### Task
Gather the lines from the material that contain "cylindrical".

### Record excerpts
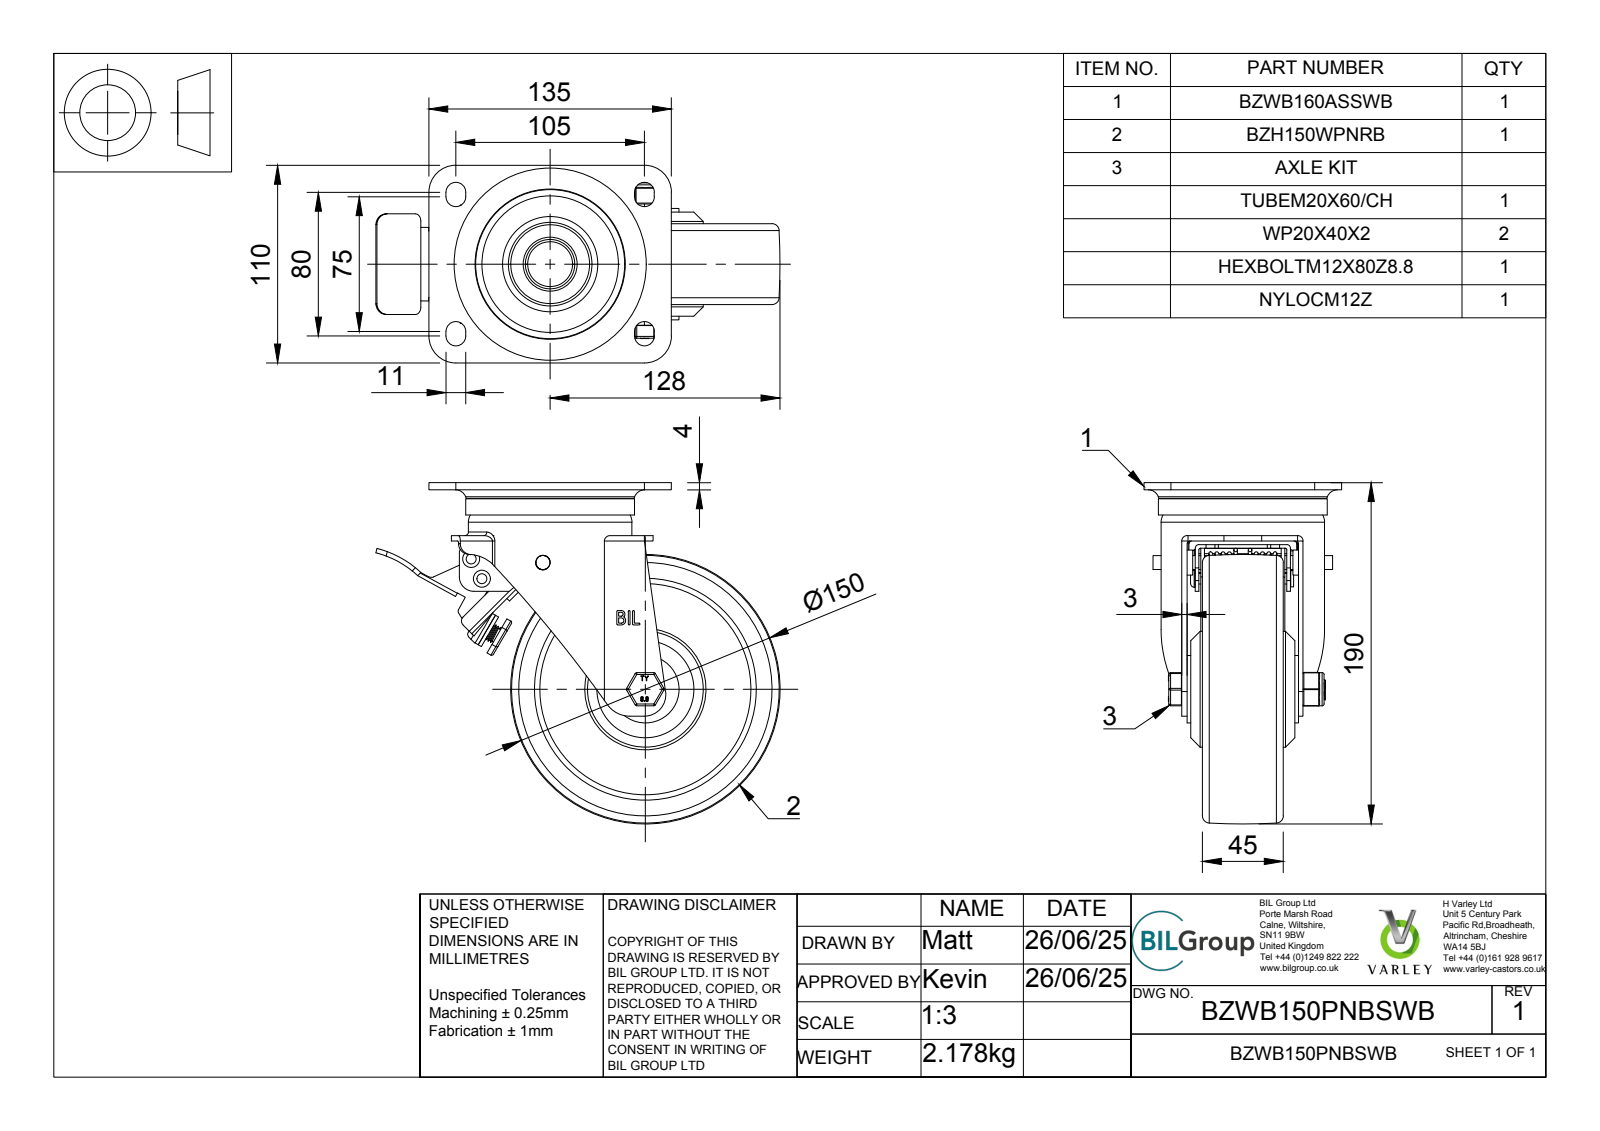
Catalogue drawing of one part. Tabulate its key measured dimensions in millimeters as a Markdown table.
| quantity | value |
| --- | --- |
| part name | BZWB150PNBSWB v2; BZWB160ASSWB v1; ZINC PLATED, PRESSED STEEL TOP PLATE; ZINC PLATED, PRESSED STEEL FORKS (+8 more) |
| STEP written by | Autodesk Translation Framework v14.10.0.0 (AUTOMOTIVE_DESIGN) |
| units | millimeters |
| bodies | 36 solids, 838 faces (423 planar, 290 cylindrical, 125 other) |
| overall size | 225 × 190 × 110 |
| volume | 741 124 mm³ |
| surface area | 285 354 mm² |
| round holes (diameter × count) | 4 × 2, 6 × 2, 8 × 1, 8.5 × 1, 10 × 1, 12 × 1, 12.2 × 1, 12.5 × 1, 14 × 1, 20.5 × 1, 21 × 1, 30 × 1 |
| round bosses / shafts (diameter × count) | 5 × 10, 2 × 10, 9.5 × 2, 9 × 2, 5.9 × 2, 94 × 1, 91 × 1, 70 × 1 |
| partial cylindrical surfaces (radius × count) | 1 × 23, 0.5 × 18, 1.5 × 15, 3 × 12, 2 × 9, 5.5 × 8, 15 × 4, 6 × 3 |
| main face-to-face distances | 2, 14, 53.5, 3, 4, 6.5, 28, 11, 11.5, 36.5 |
| hole center spacings | 12.53, 35.17, 40.05, 90.66, 109.83, 121.1 |

### Task solution
| bodies | 36 solids, 838 faces (423 planar, 290 cylindrical, 125 other) |
| partial cylindrical surfaces (radius × count) | 1 × 23, 0.5 × 18, 1.5 × 15, 3 × 12, 2 × 9, 5.5 × 8, 15 × 4, 6 × 3 |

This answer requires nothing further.